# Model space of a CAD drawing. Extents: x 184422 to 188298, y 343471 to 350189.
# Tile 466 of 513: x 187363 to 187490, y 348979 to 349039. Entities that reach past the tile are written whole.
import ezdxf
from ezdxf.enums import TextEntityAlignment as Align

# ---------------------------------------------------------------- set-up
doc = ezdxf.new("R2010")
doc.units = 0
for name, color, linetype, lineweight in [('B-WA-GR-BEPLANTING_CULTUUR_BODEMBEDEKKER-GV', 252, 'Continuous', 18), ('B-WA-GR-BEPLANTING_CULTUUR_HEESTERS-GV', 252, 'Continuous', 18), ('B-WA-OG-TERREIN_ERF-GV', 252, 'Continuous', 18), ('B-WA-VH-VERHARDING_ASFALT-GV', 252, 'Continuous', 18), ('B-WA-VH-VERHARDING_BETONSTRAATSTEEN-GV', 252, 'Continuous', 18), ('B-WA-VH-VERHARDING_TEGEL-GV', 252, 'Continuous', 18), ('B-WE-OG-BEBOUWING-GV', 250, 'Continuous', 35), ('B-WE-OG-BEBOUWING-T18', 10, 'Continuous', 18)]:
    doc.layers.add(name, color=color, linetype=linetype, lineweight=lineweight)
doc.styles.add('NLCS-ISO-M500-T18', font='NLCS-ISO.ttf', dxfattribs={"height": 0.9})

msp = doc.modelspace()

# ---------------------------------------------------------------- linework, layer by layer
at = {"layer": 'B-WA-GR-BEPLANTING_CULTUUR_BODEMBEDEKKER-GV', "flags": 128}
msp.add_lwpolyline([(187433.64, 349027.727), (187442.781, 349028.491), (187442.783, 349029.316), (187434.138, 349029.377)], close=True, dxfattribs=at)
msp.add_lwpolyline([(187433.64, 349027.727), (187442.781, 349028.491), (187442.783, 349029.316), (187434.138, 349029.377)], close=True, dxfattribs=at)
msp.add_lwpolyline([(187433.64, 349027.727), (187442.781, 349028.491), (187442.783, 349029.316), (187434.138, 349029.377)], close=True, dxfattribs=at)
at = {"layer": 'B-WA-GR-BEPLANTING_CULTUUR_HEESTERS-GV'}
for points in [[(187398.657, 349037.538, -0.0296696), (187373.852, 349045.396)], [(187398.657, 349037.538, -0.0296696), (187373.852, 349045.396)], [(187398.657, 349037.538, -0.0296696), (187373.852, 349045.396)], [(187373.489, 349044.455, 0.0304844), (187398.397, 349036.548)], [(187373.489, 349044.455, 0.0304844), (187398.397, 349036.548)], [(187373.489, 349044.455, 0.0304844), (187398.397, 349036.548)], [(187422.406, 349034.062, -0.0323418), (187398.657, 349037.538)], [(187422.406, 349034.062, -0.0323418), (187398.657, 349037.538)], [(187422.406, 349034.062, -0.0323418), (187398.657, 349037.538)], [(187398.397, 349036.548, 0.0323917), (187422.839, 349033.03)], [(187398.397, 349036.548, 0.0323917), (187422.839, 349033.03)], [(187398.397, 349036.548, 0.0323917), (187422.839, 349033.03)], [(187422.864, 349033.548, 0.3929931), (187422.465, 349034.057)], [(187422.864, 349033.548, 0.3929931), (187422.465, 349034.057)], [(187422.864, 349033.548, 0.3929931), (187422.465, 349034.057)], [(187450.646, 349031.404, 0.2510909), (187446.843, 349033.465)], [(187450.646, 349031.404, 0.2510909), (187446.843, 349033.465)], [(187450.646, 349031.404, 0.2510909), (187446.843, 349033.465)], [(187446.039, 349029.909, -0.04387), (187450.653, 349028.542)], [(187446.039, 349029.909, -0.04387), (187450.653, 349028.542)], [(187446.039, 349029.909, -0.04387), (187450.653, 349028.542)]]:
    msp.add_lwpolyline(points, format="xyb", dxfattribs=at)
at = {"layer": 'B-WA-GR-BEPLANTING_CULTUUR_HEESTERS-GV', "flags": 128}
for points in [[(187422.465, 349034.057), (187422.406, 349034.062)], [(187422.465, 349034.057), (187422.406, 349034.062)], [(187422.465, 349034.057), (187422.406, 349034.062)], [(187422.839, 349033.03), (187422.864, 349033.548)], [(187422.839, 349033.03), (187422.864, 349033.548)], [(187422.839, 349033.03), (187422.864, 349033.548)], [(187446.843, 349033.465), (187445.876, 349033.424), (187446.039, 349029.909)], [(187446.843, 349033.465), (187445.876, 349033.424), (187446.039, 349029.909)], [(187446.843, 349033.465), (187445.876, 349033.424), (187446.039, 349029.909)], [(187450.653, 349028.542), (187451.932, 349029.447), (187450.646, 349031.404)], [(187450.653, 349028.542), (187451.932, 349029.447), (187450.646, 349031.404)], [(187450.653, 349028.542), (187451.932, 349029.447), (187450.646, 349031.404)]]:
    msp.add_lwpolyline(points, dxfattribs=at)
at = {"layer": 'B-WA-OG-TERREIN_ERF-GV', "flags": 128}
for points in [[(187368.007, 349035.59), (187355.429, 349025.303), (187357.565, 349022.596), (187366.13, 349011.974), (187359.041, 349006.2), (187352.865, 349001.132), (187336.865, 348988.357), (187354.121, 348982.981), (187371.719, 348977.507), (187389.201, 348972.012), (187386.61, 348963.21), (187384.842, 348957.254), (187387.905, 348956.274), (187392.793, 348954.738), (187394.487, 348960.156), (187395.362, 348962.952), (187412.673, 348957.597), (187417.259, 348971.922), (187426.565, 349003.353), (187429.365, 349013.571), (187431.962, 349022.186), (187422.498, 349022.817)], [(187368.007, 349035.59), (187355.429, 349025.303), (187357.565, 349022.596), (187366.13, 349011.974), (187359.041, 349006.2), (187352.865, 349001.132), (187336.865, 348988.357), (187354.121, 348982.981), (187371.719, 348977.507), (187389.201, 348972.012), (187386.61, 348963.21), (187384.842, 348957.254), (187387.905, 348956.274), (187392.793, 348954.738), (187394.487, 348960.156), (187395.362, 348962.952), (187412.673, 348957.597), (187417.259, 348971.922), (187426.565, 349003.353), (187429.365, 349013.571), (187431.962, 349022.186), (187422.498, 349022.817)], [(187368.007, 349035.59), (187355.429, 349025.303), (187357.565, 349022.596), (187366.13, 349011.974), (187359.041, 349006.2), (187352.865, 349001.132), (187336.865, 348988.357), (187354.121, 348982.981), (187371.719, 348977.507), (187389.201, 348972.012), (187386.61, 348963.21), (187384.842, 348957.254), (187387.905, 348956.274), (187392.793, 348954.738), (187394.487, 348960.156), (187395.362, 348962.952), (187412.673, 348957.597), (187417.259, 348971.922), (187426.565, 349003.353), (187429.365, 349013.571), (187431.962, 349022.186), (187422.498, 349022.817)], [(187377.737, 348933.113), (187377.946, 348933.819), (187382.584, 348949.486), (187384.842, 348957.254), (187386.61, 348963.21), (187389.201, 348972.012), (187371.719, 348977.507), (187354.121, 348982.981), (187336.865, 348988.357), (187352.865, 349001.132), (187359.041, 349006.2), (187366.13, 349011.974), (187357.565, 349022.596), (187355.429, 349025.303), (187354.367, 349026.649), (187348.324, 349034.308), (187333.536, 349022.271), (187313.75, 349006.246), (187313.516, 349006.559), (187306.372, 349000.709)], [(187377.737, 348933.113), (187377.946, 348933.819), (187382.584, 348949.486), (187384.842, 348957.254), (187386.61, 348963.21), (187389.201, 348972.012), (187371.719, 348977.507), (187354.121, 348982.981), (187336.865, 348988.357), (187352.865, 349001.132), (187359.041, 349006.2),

------------------------------

Return from the data every line that holds "ezdxf".

**Response box**:
import ezdxf
from ezdxf.enums import TextEntityAlignment as Align
doc = ezdxf.new("R2010")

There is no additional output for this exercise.